*TRY IT*:
In this exercise, retype exactly and only the lines from the top of the entries below through the line that holds "building model written", omitting pictures.

*Dataset entries*:
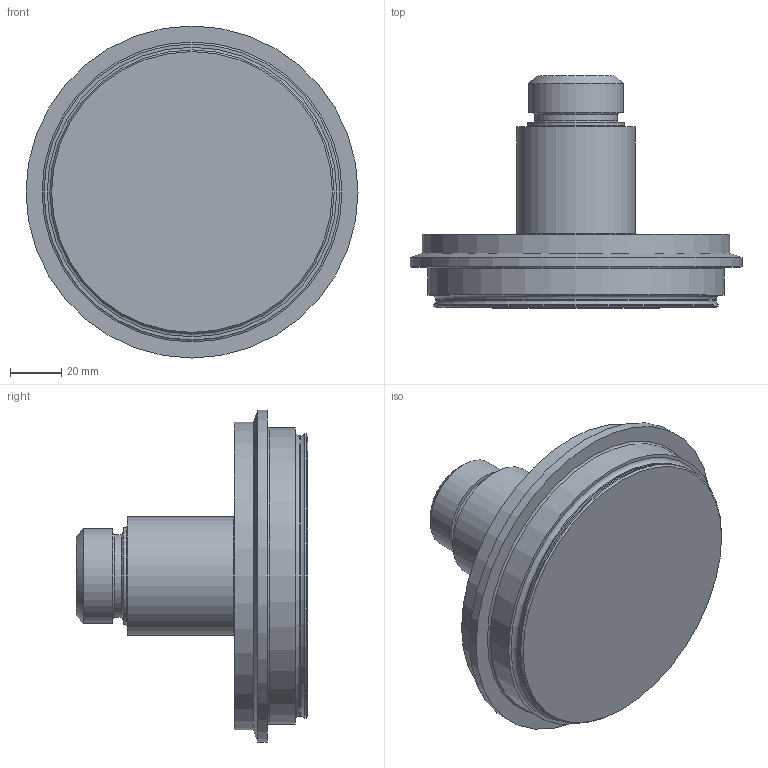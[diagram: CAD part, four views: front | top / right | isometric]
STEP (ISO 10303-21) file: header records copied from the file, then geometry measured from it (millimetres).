
FILE_DESCRIPTION(/* description */ ('STEP AP214'),/* implementation_level */ '2;1');
FILE_NAME(/* name */ 'C:\V\Delavan\Designs\Customer Shell Models\Valves\W61\WCB_w60_actuators_controltops_adapters_step_tcm11-10646 (2)\122308 4.STEP',/* time_stamp */ '2021-04-21T13:13:04+06:00',/* author */ ('H7M44K'),/* organization */ (''),/* preprocessor_version */ 'ST-DEVELOPER v18.1',/* originating_system */ 'Autodesk Inventor 2020',/* authorisation */ '');
FILE_SCHEMA (('AUTOMOTIVE_DESIGN { 1 0 10303 214 3 1 1 }'));
Length unit declared in the file: inch
Products named in the file (1): 122308
Bounding box: 130.18 x 90.88 x 130.18 mm (x, y, z)
Volume: 410572.8 mm3; surface area: 45186.5 mm2
Topology: 1 solids, 1 shells, 27 faces, 71 edges, 52 vertices
Faces by surface type: cylinder 9, plane 8, torus 7, cone 3
Full cylindrical faces by diameter (mm): 32.512 x1, 37.135 x1, 38.1 x1, 46.304 x1, 109.982 x1, 111.455 x1, 116.103 x1, 120.65 x1, 130.175 x1
Entity records: 939 total; most frequent: DIRECTION 186, CARTESIAN_POINT 151, ORIENTED_EDGE 142, AXIS2_PLACEMENT_3D 87, EDGE_CURVE 71, CIRCLE 59, VERTEX_POINT 52, EDGE_LOOP 33
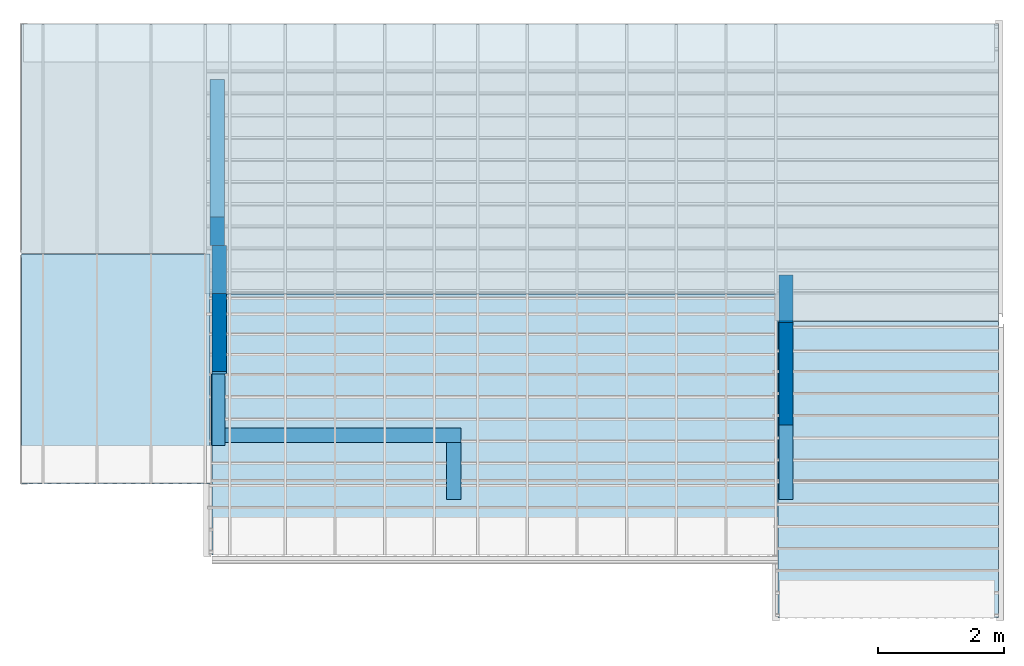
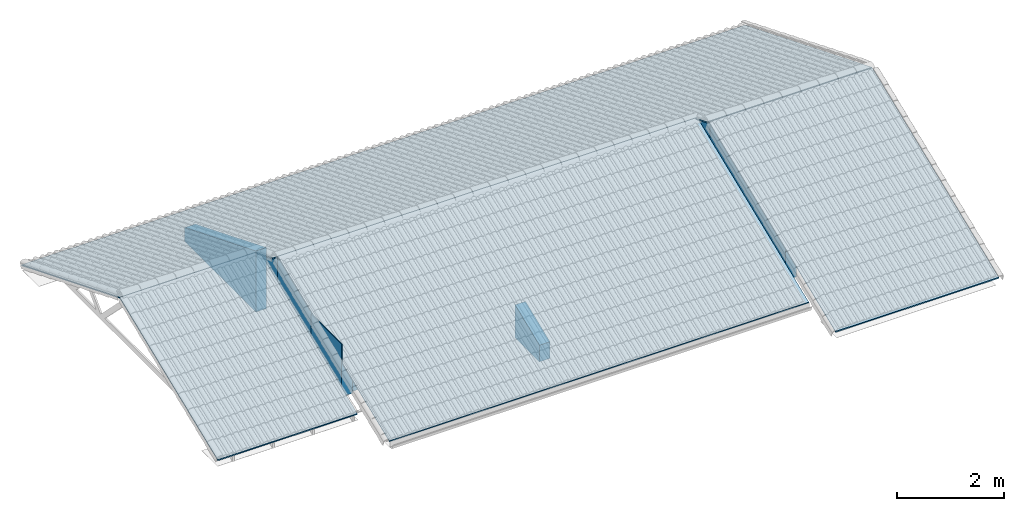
# One storey, part 1 of 5: 8 walls, 4 slabs, 4 elements without a shape of their own.
"""IFC2X3 building model written with IfcOpenShell, lengths in millimetres."""

import ifcopenshell
import ifcopenshell.guid

model = None  # the IFC model being written
_history = None  # IfcOwnerHistory: only IFC2X3 demands one
_inside = {}  # id of a spatial element -> (the spatial element, [elements in it])
_under = {}  # id of a project, library or spatial element -> (it, [spatial elements below it])
_declared = {}  # id of a project -> (the project, [libraries it declares])
_typed = {}  # id of a type object -> (the type object, [elements of that type])
_made_of = {}  # id of a material, layer set ... -> (it, [elements and type objects made of it])


def new_model(schema):
    """Start an empty IFC model of exactly this schema.

    Asked for "IFC4X3", IfcOpenShell would pick the latest addendum, in which some entities
    have other attributes; the version numbers below select the first issue.
    IFC2X3 requires an IfcOwnerHistory on every rooted entity: one is made here for all.
    """
    global model, _history
    if schema == "IFC4X3":
        model = ifcopenshell.file(schema_version=(4, 3, 0, 0))
    else:
        model = ifcopenshell.file(schema=schema)
    _inside.clear()
    _under.clear()
    _declared.clear()
    _typed.clear()
    _made_of.clear()
    _history = None
    if model.schema == "IFC2X3":
        org = make("IfcOrganization", Name="unknown")
        user = make(
            "IfcPersonAndOrganization",
            ThePerson=make("IfcPerson", FamilyName="unknown"),
            TheOrganization=org,
        )
        app = make(
            "IfcApplication",
            ApplicationDeveloper=org,
            Version="unknown",
            ApplicationFullName="unknown",
            ApplicationIdentifier="unknown",
        )
        _history = make(
            "IfcOwnerHistory",
            OwningUser=user,
            OwningApplication=app,
            ChangeAction="ADDED",
            CreationDate=0,
        )
    return model


def make(cls, **values):
    """One entity of the class cls with the attributes given. An attribute that is None is left unset."""
    return model.create_entity(
        cls, **{name: value for name, value in values.items() if value is not None}
    )


def entity(cls, *values):
    """Any entity or typed value of the class cls, its attributes in the order of the schema. None: left unset."""
    e = model.create_entity(cls)
    for i, value in enumerate(values):
        if value is not None:
            e[i] = value
    return e


def rooted(cls, **values):
    """An entity with a GlobalId (a new one), such as an element, a storey or a relation."""
    return make(cls, GlobalId=ifcopenshell.guid.new(), OwnerHistory=_history, **values)


def si_unit(unit_type, name, prefix=None):
    """IfcSIUnit, for example si_unit("LENGTHUNIT", "METRE", prefix="MILLI")."""
    return make("IfcSIUnit", UnitType=unit_type, Prefix=prefix, Name=name)


def converted_unit(unit_type, name, factor, base, dimensions=None, offset=None):
    """IfcConversionBasedUnit, such as the inch: factor (a typed value) times the base unit."""
    return make(
        "IfcConversionBasedUnit"
        if offset is None
        else "IfcConversionBasedUnitWithOffset",
        ConversionOffset=offset,
        Dimensions=None
        if dimensions is None
        else entity("IfcDimensionalExponents", *dimensions),
        UnitType=unit_type,
        Name=name,
        ConversionFactor=make(
            "IfcMeasureWithUnit", ValueComponent=factor, UnitComponent=base
        ),
    )


def derived_unit(unit_type, elements):
    """IfcDerivedUnit: a product of units, each with its exponent."""
    return make(
        "IfcDerivedUnit",
        Elements=[
            make("IfcDerivedUnitElement", Unit=unit, Exponent=power)
            for unit, power in elements
        ],
        UnitType=unit_type,
    )


def assignment(units):
    """IfcUnitAssignment: the units of a project."""
    return None if units is None else make("IfcUnitAssignment", Units=units)


def point(xyz):
    """IfcCartesianPoint."""
    return None if xyz is None else make("IfcCartesianPoint", Coordinates=xyz)


def direction(xyz):
    """IfcDirection."""
    return None if xyz is None else make("IfcDirection", DirectionRatios=xyz)


def frame(location, z_axis=None, x_axis=None):
    """IfcAxis2Placement3D, a coordinate frame: its origin and axes. An axis left out is left unset."""
    return make(
        "IfcAxis2Placement3D",
        Location=point(location),
        Axis=direction(z_axis),
        RefDirection=direction(x_axis),
    )


def frame_2d(location, x_axis=None):
    """IfcAxis2Placement2D, a coordinate frame in the plane: its origin and x axis."""
    return make(
        "IfcAxis2Placement2D", Location=point(location), RefDirection=direction(x_axis)
    )


def origin():
    """The frame at (0, 0, 0) with its axes left unset."""
    return frame((0.0, 0.0, 0.0))


def origin_2d_with_axis():
    """The frame at (0, 0) in the plane with the x axis (1, 0) written out."""
    return frame_2d((0.0, 0.0), x_axis=(1.0, 0.0))


def place(relative_to, where):
    """IfcLocalPlacement: puts the frame where relative to a parent placement (None: the world)."""
    return make(
        "IfcLocalPlacement", PlacementRelTo=relative_to, RelativePlacement=where
    )


def context(
    kind, dimensions, precision=None, world=None, true_north=None, identifier=None
):
    """IfcGeometricRepresentationContext, for example the 3D "Model" context."""
    return make(
        "IfcGeometricRepresentationContext",
        ContextIdentifier=identifier,
        ContextType=kind,
        CoordinateSpaceDimension=dimensions,
        Precision=precision,
        WorldCoordinateSystem=world,
        TrueNorth=true_north,
    )


def subcontext(parent, identifier, kind, view, scale=None):
    """IfcGeometricRepresentationSubContext, for example "Body" below "Model"."""
    return make(
        "IfcGeometricRepresentationSubContext",
        ContextIdentifier=identifier,
        ContextType=kind,
        ParentContext=parent,
        TargetScale=scale,
        TargetView=view,
    )


def project(units=None, contexts=None):
    """IfcProject with its units and contexts."""
    return rooted(
        "IfcProject",
        Name="project",
        RepresentationContexts=contexts,
        UnitsInContext=assignment(units),
    )


def spatial(cls, under=None, at=None, **own):
    """A site, building, storey or space (cls), placed at a placement, below another one or the project."""
    s = rooted(cls, ObjectPlacement=at, **own)
    if under is not None:
        _under.setdefault(under.id(), (under, []))[1].append(s)
    return s


def polyline(points):
    """IfcPolyline through the points."""
    return make("IfcPolyline", Points=[point(p) for p in points])


def profile(cls, at=None, kind="AREA", **sizes):
    """A parametric profile (cls). Its sizes go by their IFC names, for example OverallWidth=200.0."""
    return make(cls, ProfileType=kind, Position=at, **sizes)


def rectangle(**sizes):
    """IfcRectangleProfileDef."""
    return profile("IfcRectangleProfileDef", **sizes)


def outline(outer, holes=None, kind="AREA"):
    """IfcArbitraryClosedProfileDef: a profile drawn as a closed curve; with holes, ...WithVoids."""
    if holes is None:
        return make("IfcArbitraryClosedProfileDef", ProfileType=kind, OuterCurve=outer)
    return make(
        "IfcArbitraryProfileDefWithVoids",
        ProfileType=kind,
        OuterCurve=outer,
        InnerCurves=holes,
    )


def extrude(swept, where, along, depth):
    """IfcExtrudedAreaSolid: the profile swept, set in the frame where, extruded along a direction by depth."""
    return make(
        "IfcExtrudedAreaSolid",
        SweptArea=swept,
        Position=where,
        ExtrudedDirection=direction(along),
        Depth=depth,
    )


def clip(a, b, op="DIFFERENCE"):
    """IfcBooleanClippingResult: the solid a cut by the half space b."""
    return make(
        "IfcBooleanClippingResult", Operator=op, FirstOperand=a, SecondOperand=b
    )


def bounded_halfspace(plane, agree, where, boundary):
    """IfcPolygonalBoundedHalfSpace: a half space limited to a polygon's prism."""
    return make(
        "IfcPolygonalBoundedHalfSpace",
        BaseSurface=make("IfcPlane", Position=plane),
        AgreementFlag=agree,
        Position=where,
        PolygonalBoundary=boundary,
    )


def shape(context_of_items, identifier, shape_type, items):
    """IfcShapeRepresentation: the items that make up one representation, for example the "Body"."""
    return make(
        "IfcShapeRepresentation",
        ContextOfItems=context_of_items,
        RepresentationIdentifier=identifier,
        RepresentationType=shape_type,
        Items=items,
    )


def material(Name=None, Category=None):
    """IfcMaterial."""
    return make("IfcMaterial", Name=Name, Category=Category)


def layer(
    of_material, thickness, ventilated=None, Name=None, Category=None, Priority=None
):
    """IfcMaterialLayer: one layer of a wall or slab, of a material (None: an air gap)."""
    return make(
        "IfcMaterialLayer",
        Material=of_material,
        LayerThickness=thickness,
        IsVentilated=ventilated,
        Name=Name,
        Category=Category,
        Priority=Priority,
    )


def layer_set(layers, Name=None):
    """IfcMaterialLayerSet."""
    return make("IfcMaterialLayerSet", MaterialLayers=layers, LayerSetName=Name)


def layer_usage(for_layer_set, set_direction, sense, offset, extent=None):
    """IfcMaterialLayerSetUsage: how a layer set lies in its element."""
    return make(
        "IfcMaterialLayerSetUsage",
        ForLayerSet=for_layer_set,
        LayerSetDirection=set_direction,
        DirectionSense=sense,
        OffsetFromReferenceLine=offset,
        ReferenceExtent=extent,
    )


def made_of(thing, what):
    """Note that an element or type object is made of a material, layer set ...; save() writes the relation."""
    if what is not None:
        _made_of.setdefault(what.id(), (what, []))[1].append(thing)
    return thing


def type_object(cls, material=None, **own):
    """A type object (cls), such as IfcWallType, which elements share."""
    return made_of(rooted(cls, **own), material)


def element(
    cls,
    number,
    at=None,
    inside=None,
    cuts=None,
    type_object=None,
    material=None,
    context=None,
    identifier="Body",
    shape_type=None,
    held_by="IfcProductDefinitionShape",
    body=None,
    shapes=None,
    **own,
):
    """One element of the class cls, such as IfcWall. Its Tag is "e" and its number.

    at: its placement. inside: the storey or other place that contains it. cuts: it is an
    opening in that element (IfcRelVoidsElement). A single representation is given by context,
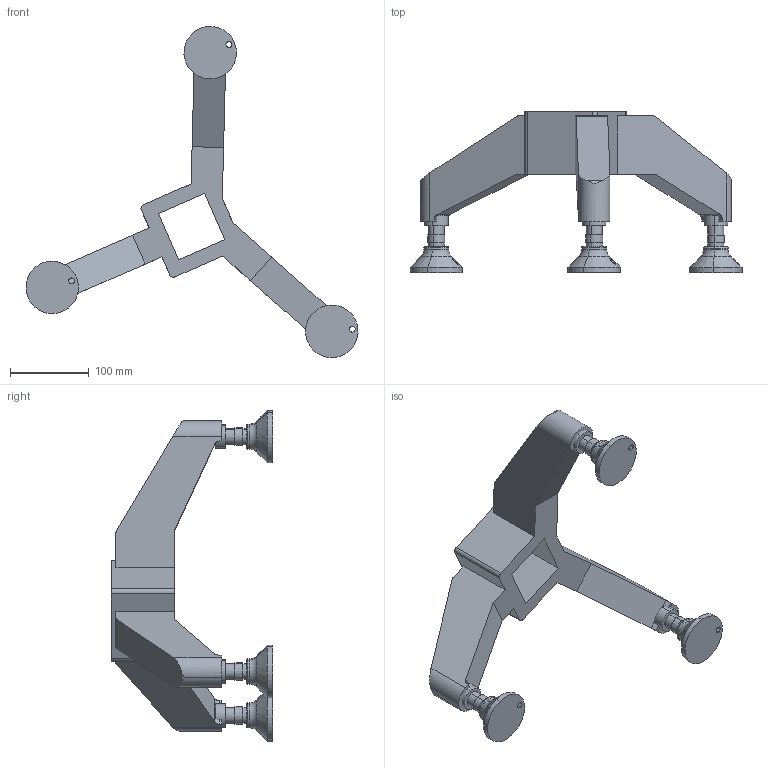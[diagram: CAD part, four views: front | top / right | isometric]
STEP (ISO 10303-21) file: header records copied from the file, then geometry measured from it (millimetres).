
FILE_DESCRIPTION (( 'STEP AP214' ), '1' );
FILE_NAME ('FBFT 64TP.step', '2017-04-05T08:02:55', ( '' ), ( '' ), 'SwSTEP 2.0', 'SolidWorks 2015', '' );
FILE_SCHEMA (( 'AUTOMOTIVE_DESIGN' ));
Length unit declared in the file: millimetre
Products named in the file (1): FBFT 64TP
Bounding box: 421.52 x 205 x 420.41 mm (x, y, z)
Volume: 2105748.6 mm3; surface area: 218993.1 mm2
Topology: 4 solids, 4 shells, 126 faces, 296 edges, 190 vertices
Faces by surface type: cylinder 59, plane 49, torus 12, cone 6
Entity records: 3962 total; most frequent: CARTESIAN_POINT 910, DIRECTION 658, ORIENTED_EDGE 592, EDGE_CURVE 296, AXIS2_PLACEMENT_3D 253, VERTEX_POINT 190, LINE 152, VECTOR 152

*SOLUTION TO THIS EXERCISE*:
[diagram: CAD part, four views: front | top / right | isometric]
STEP (ISO 10303-21) file: header records copied from the file, then geometry measured from it (millimetres).
FILE_DESCRIPTION(/* description */ ('STEP AP214'),/* implementation_level */ '2;1');
FILE_NAME(/* name */ 'C:\V\Delavan\Designs\Customer Shell Models\Valves\W61\WCB_w60_actuators_controltops_adapters_step_tcm11-10646 (2)\122308 4.STEP',/* time_stamp */ '2021-04-21T13:13:04+06:00',/* author */ ('H7M44K'),/* organization */ (''),/* preprocessor_version */ 'ST-DEVELOPER v18.1',/* originating_system */ 'Autodesk Inventor 2020',/* authorisation */ '');
FILE_SCHEMA (('AUTOMOTIVE_DESIGN { 1 0 10303 214 3 1 1 }'));
Length unit declared in the file: inch
Products named in the file (1): 122308
Bounding box: 130.18 x 90.88 x 130.18 mm (x, y, z)
Volume: 410572.8 mm3; surface area: 45186.5 mm2
Topology: 1 solids, 1 shells, 27 faces, 71 edges, 52 vertices
Faces by surface type: cylinder 9, plane 8, torus 7, cone 3
Full cylindrical faces by diameter (mm): 32.512 x1, 37.135 x1, 38.1 x1, 46.304 x1, 109.982 x1, 111.455 x1, 116.103 x1, 120.65 x1, 130.175 x1
Entity records: 939 total; most frequent: DIRECTION 186, CARTESIAN_POINT 151, ORIENTED_EDGE 142, AXIS2_PLACEMENT_3D 87, EDGE_CURVE 71, CIRCLE 59, VERTEX_POINT 52, EDGE_LOOP 33
# One storey, part 1 of 5: 8 walls, 4 slabs, 4 elements without a shape of their own.
"""IFC2X3 building model written with IfcOpenShell, lengths in millimetres."""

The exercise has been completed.